Sentot Itu Pejuang atau Pengkhianat?

Sentot Itu Pejuang atau Pengkhianat?

Gaya Hidup | netralnews.com | Sabtu, 23 Juli 2022 - 16:06
share

YOGYAKARTA, NETRALNEWS.COM - Beberapa waktu yang lalu kita sudah membahas tentang Kiai Mojo sebagai salah satu pilar kekuatan Pangeran Diponegoro (baca DI SINI ), tetapi akhirnya persekutuan keduanya kandas sebelum perjuangan berakhir karena adanya perbedaan pandangan yang harus memaksa mereka untuk berjalan sendiri-sendiri sesuai pendiriannya.

Dalam tulisan ringan kali ini, saya akan mengupas tentang salah satu panglima Sang Pangeran yang terkenal yaitu Sentot Prawirodirjo (1808-1855).

Sebenarnya Sentot di mata Sang Pangeran bukan lagi orang baru, karena sejak Sang Pangeran menikah dengan Maduretno, putri idolanya Raden Ronggo Prawirodirjo III, Maduretno membawa adik lain ibu yang bernama Sentot Alibasyah Prawirodirjo, yang juga putra mendiang Raden Ronggo Prawirodirjo III ke Tegalrejo. Saat itu Sentot masih berusia 6 tahun. Sentot memang besar di Tegalrejo hingga meletusnya Perang Jawa.
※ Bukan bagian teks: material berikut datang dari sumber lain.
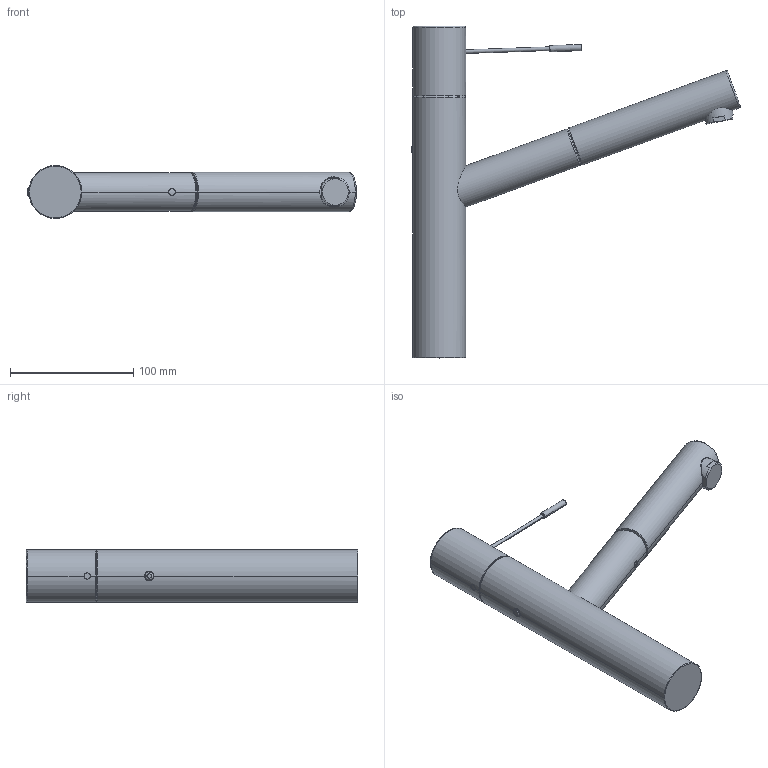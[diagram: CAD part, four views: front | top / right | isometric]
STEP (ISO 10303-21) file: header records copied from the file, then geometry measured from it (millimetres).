
FILE_DESCRIPTION((''),'2;1');
FILE_NAME('10_151_113_XXX','2012-01-04T',('hpf'),(''),'PRO/ENGINEER BY PARAMETRIC TECHNOLOGY CORPORATION, 2011080','PRO/ENGINEER BY PARAMETRIC TECHNOLOGY CORPORATION, 2011080','');
FILE_SCHEMA(('AUTOMOTIVE_DESIGN_CC2 { 1 2 10303 214 -1 1 5 2 }'));
Length unit declared in the file: millimetre
Products named in the file (1): 10_151_113_XXX
Bounding box: 266.91 x 269.45 x 43 mm (x, y, z)
Volume: 579308.6 mm3; surface area: 66413.8 mm2
Topology: 1 solids, 3 shells, 89 faces, 194 edges, 117 vertices
Faces by surface type: cylinder 39, plane 24, torus 20, cone 4, bspline 2
Entity records: 5035 total; most frequent: CARTESIAN_POINT 2185, DIRECTION 421, ORIENTED_EDGE 384, EDGE_CURVE 192, AXIS2_PLACEMENT_3D 180, FILL_AREA_STYLE_COLOUR 137, FILL_AREA_STYLE 137, SURFACE_STYLE_FILL_AREA 137
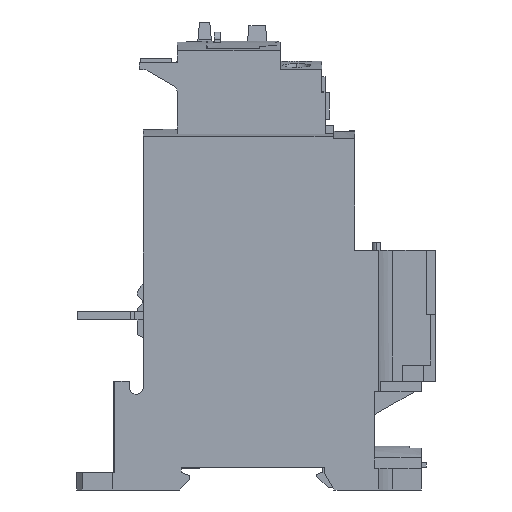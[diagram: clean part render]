
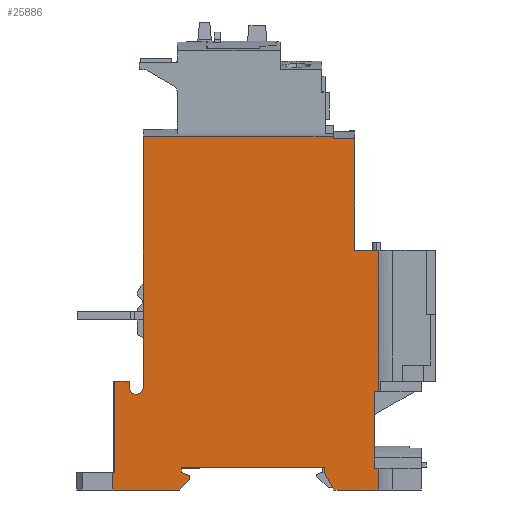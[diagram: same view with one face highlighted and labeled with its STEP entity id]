
A CAD part, left-side view. The second image highlights one B-rep face of the part: STEP entity #25886.
In plain terms, the highlighted planar face has unit normal (-1, 0, 0).
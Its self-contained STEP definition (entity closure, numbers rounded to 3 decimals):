
#977=DIRECTION('',(0.,0.,1.));
#978=VECTOR('',#977,0.52);
#979=CARTESIAN_POINT('',(0.6,25.3,86.91));
#980=LINE('',#979,#978);
#992=DIRECTION('',(0.,1.,0.));
#993=VECTOR('',#992,1.038);
#994=CARTESIAN_POINT('',(0.6,13.962,24.42));
#995=LINE('',#994,#993);
#999=DIRECTION('',(0.,0.,1.));
#1000=VECTOR('',#999,5.42);
#1001=CARTESIAN_POINT('',(0.6,13.962,0.));
#1002=LINE('',#1001,#1000);
#1006=DIRECTION('',(0.,1.,0.));
#1007=VECTOR('',#1006,16.35);
#1008=CARTESIAN_POINT('',(0.6,63.4,0.));
#1009=LINE('',#1008,#1007);
#1013=DIRECTION('',(0.,0.,1.));
#1014=VECTOR('',#1013,34.9);
#1015=CARTESIAN_POINT('',(0.6,13.962,24.42));
#1016=LINE('',#1015,#1014);
#1175=DIRECTION('',(0.,0.,1.));
#1176=VECTOR('',#1175,19.);
#1177=CARTESIAN_POINT('',(0.6,15.,5.42));
#1178=LINE('',#1177,#1176);
#1676=DIRECTION('',(0.,1.,0.));
#1677=VECTOR('',#1676,11.129);
#1678=CARTESIAN_POINT('',(0.6,13.962,0.));
#1679=LINE('',#1678,#1677);
#2499=DIRECTION('',(0.,1.,0.));
#2500=VECTOR('',#2499,0.41);
#2501=CARTESIAN_POINT('',(0.6,79.34,4.3));
#2502=LINE('',#2501,#2500);
#2629=DIRECTION('',(0.,0.,-1.));
#2630=VECTOR('',#2629,4.3);
#2631=CARTESIAN_POINT('',(0.6,79.75,4.3));
#2632=LINE('',#2631,#2630);
#2776=DIRECTION('',(0.,-1.,0.));
#2777=VECTOR('',#2776,35.5);
#2778=CARTESIAN_POINT('',(0.6,62.9,5.5));
#2779=LINE('',#2778,#2777);
#4546=DIRECTION('',(0.,0.,-1.));
#4547=VECTOR('',#4546,62.07);
#4548=CARTESIAN_POINT('',(0.6,72.3,87.43));
#4549=LINE('',#4548,#4547);
#4822=DIRECTION('',(0.,-1.,0.));
#4823=VECTOR('',#4822,3.64);
#4824=CARTESIAN_POINT('',(0.6,79.34,26.956));
#4825=LINE('',#4824,#4823);
#5766=DIRECTION('',(0.,0.,1.));
#5767=VECTOR('',#5766,22.656);
#5768=CARTESIAN_POINT('',(0.6,79.34,4.3));
#5769=LINE('',#5768,#5767);
#5833=DIRECTION('',(0.,0.,1.));
#5834=VECTOR('',#5833,1.596);
#5835=CARTESIAN_POINT('',(0.6,75.7,25.36));
#5836=LINE('',#5835,#5834);
#5861=CARTESIAN_POINT('',(0.6,74.,25.36));
#5862=DIRECTION('',(1.,0.,0.));
#5863=DIRECTION('',(0.,-1.,0.));
#5864=AXIS2_PLACEMENT_3D('',#5861,#5862,#5863);
#6027=DIRECTION('',(0.,0.,1.));
#6028=VECTOR('',#6027,1.1);
#6029=CARTESIAN_POINT('',(0.6,62.9,4.4));
#6030=LINE('',#6029,#6028);
#6083=DIRECTION('',(0.,0.912,0.41));
#6084=VECTOR('',#6083,2.193);
#6085=CARTESIAN_POINT('',(0.6,60.9,3.5));
#6086=LINE('',#6085,#6084);
#6111=DIRECTION('',(0.,0.,1.));
#6112=VECTOR('',#6111,1.);
#6113=CARTESIAN_POINT('',(0.6,60.9,2.5));
#6114=LINE('',#6113,#6112);
#6153=DIRECTION('',(0.,-0.707,0.707));
#6154=VECTOR('',#6153,3.536);
#6155=CARTESIAN_POINT('',(0.6,63.4,0.));
#6156=LINE('',#6155,#6154);
#6589=DIRECTION('',(0.,1.,0.));
#6590=VECTOR('',#6589,47.);
#6591=CARTESIAN_POINT('',(0.6,25.3,87.43));
#6592=LINE('',#6591,#6590);
#11678=DIRECTION('',(0.,-1.,0.));
#11679=VECTOR('',#11678,5.3);
#11680=CARTESIAN_POINT('',(0.6,25.3,86.91));
#11681=LINE('',#11680,#11679);
#11856=DIRECTION('',(0.,0.,1.));
#11857=VECTOR('',#11856,27.59);
#11858=CARTESIAN_POINT('',(0.6,20.,59.32));
#11859=LINE('',#11858,#11857);
#12644=DIRECTION('',(0.,-1.,0.));
#12645=VECTOR('',#12644,6.038);
#12646=CARTESIAN_POINT('',(0.6,20.,59.32));
#12647=LINE('',#12646,#12645);
#13046=DIRECTION('',(0.,-1.,0.));
#13047=VECTOR('',#13046,1.038);
#13048=CARTESIAN_POINT('',(0.6,15.,5.42));
#13049=LINE('',#13048,#13047);
#14157=DIRECTION('',(0.,0.,-1.));
#14158=VECTOR('',#14157,1.5);
#14159=CARTESIAN_POINT('',(0.6,27.4,5.5));
#14160=LINE('',#14159,#14158);
#14199=DIRECTION('',(0.,-0.5,-0.866));
#14200=VECTOR('',#14199,4.619);
#14201=CARTESIAN_POINT('',(0.6,27.4,4.));
#14202=LINE('',#14201,#14200);
#24073=CARTESIAN_POINT('',(0.6,13.962,0.));
#24074=CARTESIAN_POINT('',(0.6,25.091,0.));
#24075=VERTEX_POINT('',#24073);
#24076=VERTEX_POINT('',#24074);
#24097=CARTESIAN_POINT('',(0.6,79.34,4.3));
#24098=CARTESIAN_POINT('',(0.6,79.75,4.3));
#24099=VERTEX_POINT('',#24097);
#24100=VERTEX_POINT('',#24098);
#24105=CARTESIAN_POINT('',(0.6,79.34,26.956));
#24106=VERTEX_POINT('',#24105);
#24109=CARTESIAN_POINT('',(0.6,72.3,87.43));
#24110=CARTESIAN_POINT('',(0.6,72.3,25.36));
#24111=VERTEX_POINT('',#24109);
#24112=VERTEX_POINT('',#24110);
#24117=CARTESIAN_POINT('',(0.6,75.7,26.956));
#24118=VERTEX_POINT('',#24117);
#24121=CARTESIAN_POINT('',(0.6,25.3,87.43));
#24122=VERTEX_POINT('',#24121);
#24127=CARTESIAN_POINT('',(0.6,20.,59.32));
#24128=CARTESIAN_POINT('',(0.6,20.,86.91));
#24129=VERTEX_POINT('',#24127);
#24130=VERTEX_POINT('',#24128);
#24135=CARTESIAN_POINT('',(0.6,13.962,59.32));
#24136=VERTEX_POINT('',#24135);
#24139=CARTESIAN_POINT('',(0.6,63.4,0.));
#24140=CARTESIAN_POINT('',(0.6,60.9,2.5));
#24141=VERTEX_POINT('',#24139);
#24142=VERTEX_POINT('',#24140);
#24147=CARTESIAN_POINT('',(0.6,60.9,3.5));
#24148=VERTEX_POINT('',#24147);
#24151=CARTESIAN_POINT('',(0.6,62.9,4.4));
#24152=VERTEX_POINT('',#24151);
#24155=CARTESIAN_POINT('',(0.6,62.9,5.5));
#24156=VERTEX_POINT('',#24155);
#24159=CARTESIAN_POINT('',(0.6,27.4,5.5));
#24160=VERTEX_POINT('',#24159);
#24163=CARTESIAN_POINT('',(0.6,27.4,4.));
#24164=VERTEX_POINT('',#24163);
#24167=CARTESIAN_POINT('',(0.6,15.,5.42));
#24168=CARTESIAN_POINT('',(0.6,13.962,5.42));
#24169=VERTEX_POINT('',#24167);
#24170=VERTEX_POINT('',#24168);
#24175=CARTESIAN_POINT('',(0.6,79.75,0.));
#24176=VERTEX_POINT('',#24175);
#24179=CARTESIAN_POINT('',(0.6,75.7,25.36));
#24180=VERTEX_POINT('',#24179);
#24183=CARTESIAN_POINT('',(0.6,25.3,86.91));
#24184=VERTEX_POINT('',#24183);
#24201=CARTESIAN_POINT('',(0.6,13.962,24.42));
#24202=VERTEX_POINT('',#24201);
#24203=CARTESIAN_POINT('',(0.6,15.,24.42));
#24204=VERTEX_POINT('',#24203);
#25828=CARTESIAN_POINT('',(0.6,13.962,-31.63));
#25829=DIRECTION('',(1.,0.,0.));
#25830=DIRECTION('',(0.,1.,0.));
#25831=AXIS2_PLACEMENT_3D('',#25828,#25829,#25830);
#25832=PLANE('',#25831);
#25834=ORIENTED_EDGE('',*,*,#25833,.T.);
#25836=ORIENTED_EDGE('',*,*,#25835,.F.);
#25838=ORIENTED_EDGE('',*,*,#25837,.T.);
#25840=ORIENTED_EDGE('',*,*,#25839,.F.);
#25842=ORIENTED_EDGE('',*,*,#25841,.T.);
#25844=ORIENTED_EDGE('',*,*,#25843,.F.);
#25846=ORIENTED_EDGE('',*,*,#25845,.F.);
#25848=ORIENTED_EDGE('',*,*,#25847,.F.);
#25850=ORIENTED_EDGE('',*,*,#25849,.F.);
#25852=ORIENTED_EDGE('',*,*,#25851,.F.);
#25854=ORIENTED_EDGE('',*,*,#25853,.F.);
#25856=ORIENTED_EDGE('',*,*,#25855,.F.);
#25858=ORIENTED_EDGE('',*,*,#25857,.T.);
#25860=ORIENTED_EDGE('',*,*,#25859,.F.);
#25862=ORIENTED_EDGE('',*,*,#25861,.F.);
#25864=ORIENTED_EDGE('',*,*,#25863,.T.);
#25866=ORIENTED_EDGE('',*,*,#25865,.T.);
#25868=ORIENTED_EDGE('',*,*,#25867,.F.);
#25870=ORIENTED_EDGE('',*,*,#25869,.F.);
#25872=ORIENTED_EDGE('',*,*,#25871,.F.);
#25874=ORIENTED_EDGE('',*,*,#25873,.F.);
#25875=ORIENTED_EDGE('',*,*,#25808,.F.);
#25877=ORIENTED_EDGE('',*,*,#25876,.T.);
#25879=ORIENTED_EDGE('',*,*,#25878,.F.);
#25881=ORIENTED_EDGE('',*,*,#25880,.T.);
#25883=ORIENTED_EDGE('',*,*,#25882,.F.);
#25884=EDGE_LOOP('',(#25834,#25836,#25838,#25840,#25842,#25844,#25846,#25848,
#25850,#25852,#25854,#25856,#25858,#25860,#25862,#25864,#25866,#25868,#25870,
#25872,#25874,#25875,#25877,#25879,#25881,#25883));
#25885=FACE_OUTER_BOUND('',#25884,.F.);
#5865=CIRCLE('',#5864,1.7);
#25808=EDGE_CURVE('',#24184,#24122,#980,.T.);
#25833=EDGE_CURVE('',#24202,#24204,#995,.T.);
#25835=EDGE_CURVE('',#24169,#24204,#1178,.T.);
#25837=EDGE_CURVE('',#24169,#24170,#13049,.T.);
#25839=EDGE_CURVE('',#24075,#24170,#1002,.T.);
#25841=EDGE_CURVE('',#24075,#24076,#1679,.T.);
#25843=EDGE_CURVE('',#24164,#24076,#14202,.T.);
#25845=EDGE_CURVE('',#24160,#24164,#14160,.T.);
#25847=EDGE_CURVE('',#24156,#24160,#2779,.T.);
#25849=EDGE_CURVE('',#24152,#24156,#6030,.T.);
#25851=EDGE_CURVE('',#24148,#24152,#6086,.T.);
#25853=EDGE_CURVE('',#24142,#24148,#6114,.T.);
#25855=EDGE_CURVE('',#24141,#24142,#6156,.T.);
#25857=EDGE_CURVE('',#24141,#24176,#1009,.T.);
#25859=EDGE_CURVE('',#24100,#24176,#2632,.T.);
#25861=EDGE_CURVE('',#24099,#24100,#2502,.T.);
#25863=EDGE_CURVE('',#24099,#24106,#5769,.T.);
#25865=EDGE_CURVE('',#24106,#24118,#4825,.T.);
#25867=EDGE_CURVE('',#24180,#24118,#5836,.T.);
#25869=EDGE_CURVE('',#24112,#24180,#5865,.T.);
#25871=EDGE_CURVE('',#24111,#24112,#4549,.T.);
#25873=EDGE_CURVE('',#24122,#24111,#6592,.T.);
#25876=EDGE_CURVE('',#24184,#24130,#11681,.T.);
#25878=EDGE_CURVE('',#24129,#24130,#11859,.T.);
#25880=EDGE_CURVE('',#24129,#24136,#12647,.T.);
#25882=EDGE_CURVE('',#24202,#24136,#1016,.T.);
#25886=ADVANCED_FACE('',(#25885),#25832,.F.);
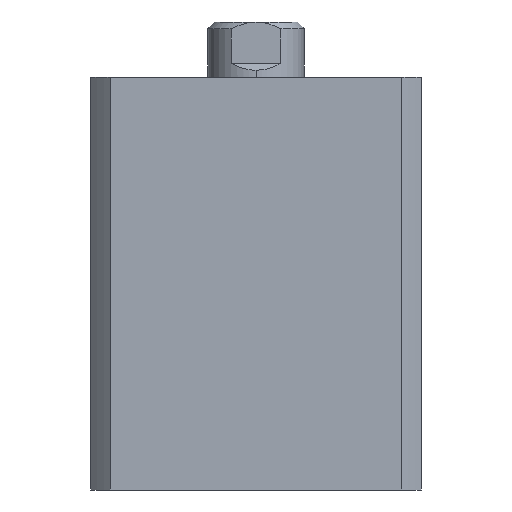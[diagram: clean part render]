
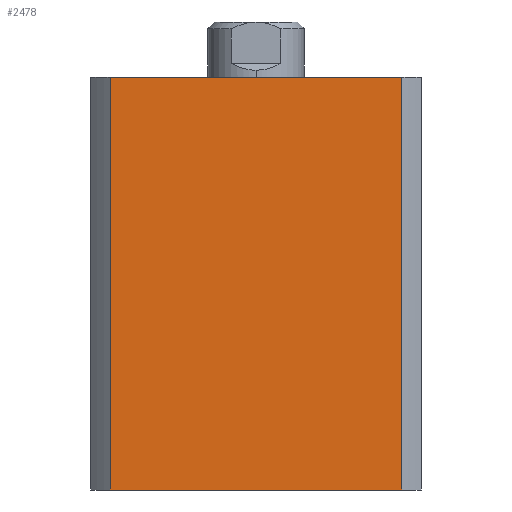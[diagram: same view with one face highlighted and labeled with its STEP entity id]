
A CAD part, left-side view. The second image highlights one B-rep face of the part: STEP entity #2478.
In plain terms, the highlighted planar face has unit normal (-1, 0, 0).
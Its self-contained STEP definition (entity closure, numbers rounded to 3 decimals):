
#200 = VERTEX_POINT ( 'NONE', #4054 ) ;
#217 = VERTEX_POINT ( 'NONE', #4037 ) ;
#221 = VERTEX_POINT ( 'NONE', #4033 ) ;
#338 = EDGE_LOOP ( 'NONE', ( #435, #3682, #3668, #3685 ) ) ;
#435 = ORIENTED_EDGE ( 'NONE', *, *, #3828, .T. ) ;
#540 = VERTEX_POINT ( 'NONE', #3888 ) ;
#716 = LINE ( 'NONE', #2969, #718 ) ;
#718 = VECTOR ( 'NONE', #2970, 1000. ) ;
#730 = LINE ( 'NONE', #1910, #755 ) ;
#751 = LINE ( 'NONE', #1904, #753 ) ;
#753 = VECTOR ( 'NONE', #1905, 1000. ) ;
#754 = LINE ( 'NONE', #1916, #757 ) ;
#755 = VECTOR ( 'NONE', #1915, 1000. ) ;
#757 = VECTOR ( 'NONE', #1918, 1000. ) ;
#1408 = FACE_OUTER_BOUND ( 'NONE', #338, .T. ) ;
#1904 = CARTESIAN_POINT ( 'NONE',  ( -24., 0., 0. ) ) ;
#1905 = DIRECTION ( 'NONE',  ( 0., -1., 0. ) ) ;
#1910 = CARTESIAN_POINT ( 'NONE',  ( -24., -21.166, 60. ) ) ;
#1915 = DIRECTION ( 'NONE',  ( 0., 0., -1. ) ) ;
#1916 = CARTESIAN_POINT ( 'NONE',  ( -24., 21.166, 60. ) ) ;
#1918 = DIRECTION ( 'NONE',  ( 0., 0., -1. ) ) ;
#2478 = ADVANCED_FACE ( 'NONE', ( #1408 ), #3294, .F. ) ;
#2969 = CARTESIAN_POINT ( 'NONE',  ( -24., 0., 60. ) ) ;
#2970 = DIRECTION ( 'NONE',  ( 0., -1., 0. ) ) ;
#3289 = CARTESIAN_POINT ( 'NONE',  ( -24., 0., 60. ) ) ;
#3294 = PLANE ( 'NONE',  #4187 ) ;
#3297 = DIRECTION ( 'NONE',  ( 1., 0., 0. ) ) ;
#3298 = DIRECTION ( 'NONE',  ( 0., 0., -1. ) ) ;
#3668 = ORIENTED_EDGE ( 'NONE', *, *, #3799, .F. ) ;
#3682 = ORIENTED_EDGE ( 'NONE', *, *, #3829, .F. ) ;
#3685 = ORIENTED_EDGE ( 'NONE', *, *, #3830, .T. ) ;
#3799 = EDGE_CURVE ( 'NONE', #540, #221, #716, .T. ) ;
#3828 = EDGE_CURVE ( 'NONE', #217, #200, #751, .T. ) ;
#3829 = EDGE_CURVE ( 'NONE', #221, #200, #730, .T. ) ;
#3830 = EDGE_CURVE ( 'NONE', #540, #217, #754, .T. ) ;
#3888 = CARTESIAN_POINT ( 'NONE',  ( -24., 21.166, 60. ) ) ;
#4033 = CARTESIAN_POINT ( 'NONE',  ( -24., -21.166, 60. ) ) ;
#4037 = CARTESIAN_POINT ( 'NONE',  ( -24., 21.166, 0. ) ) ;
#4054 = CARTESIAN_POINT ( 'NONE',  ( -24., -21.166, 0. ) ) ;
#4187 = AXIS2_PLACEMENT_3D ( 'NONE', #3289, #3297, #3298 ) ;
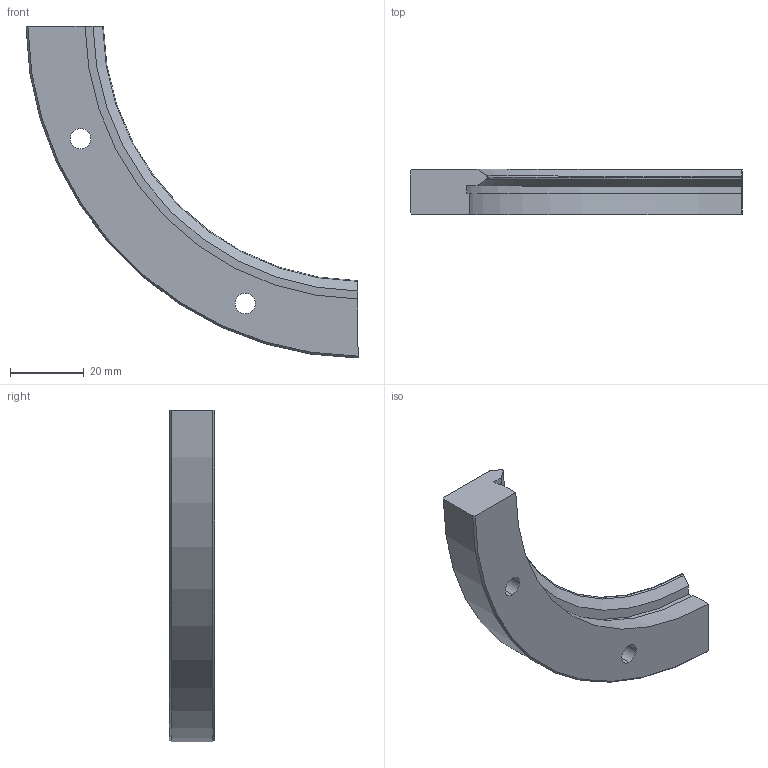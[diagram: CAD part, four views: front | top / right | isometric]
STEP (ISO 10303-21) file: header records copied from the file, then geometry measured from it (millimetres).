
FILE_DESCRIPTION(('STEP AP203'),'1');
FILE_NAME('ris_182_r90.stp','2021-08-04T13:05:49',('TraceParts'),('TraceParts S.A.'),'Spatial InterOp 3D',' ',' ');
FILE_SCHEMA(('CONFIG_CONTROL_DESIGN'));
Length unit declared in the file: millimetre
Products named in the file (1): 1
Bounding box: 89.99 x 12.25 x 89.99 mm (x, y, z)
Volume: 25737.9 mm3; surface area: 8983.1 mm2
Topology: 1 solids, 1 shells, 25 faces, 63 edges, 42 vertices
Faces by surface type: cylinder 11, plane 8, cone 4, torus 2
Entity records: 838 total; most frequent: CARTESIAN_POINT 175, DIRECTION 132, ORIENTED_EDGE 126, EDGE_CURVE 63, AXIS2_PLACEMENT_3D 55, VERTEX_POINT 42, EDGE_LOOP 31, CIRCLE 29

Ketika Sentot menginjak usia 20 tahun, dia tampil sebagai perancang strategi utama dan senopati perang bagi pasukan Diponegoro.

Sentot menjadi terkenal karena keberanian dan mutu kepemimpinannya dalam setiap pertempuran. Untuk itulah seorang perwira Belanda De Stuers, memujinya setinggi langit yang digambarkan sebagai pemuda yang berapi-api dan seorang Jawa yang cermerlang.

Di awal Perang Jawa sekitar bulan Juli 1826, pasukan Pangeran Diponegoro memperoleh banyak kemenangan dalam setiap pertempuran. Kemenangan-demi kemenangan itu tidak terlepas dari peran panglima perangnya, Sentot Alibasah. Mereka dapat menguasai daerah antara sebelah timur Sungai Progo membentang ke timur hingga perbatasan Surakarta.

Pertempuran heroik yang dilakukan oleh Sentot adalah ketika menghadapi pasukan Belanda di bawah pimpinan Mayor Jenderal van Green.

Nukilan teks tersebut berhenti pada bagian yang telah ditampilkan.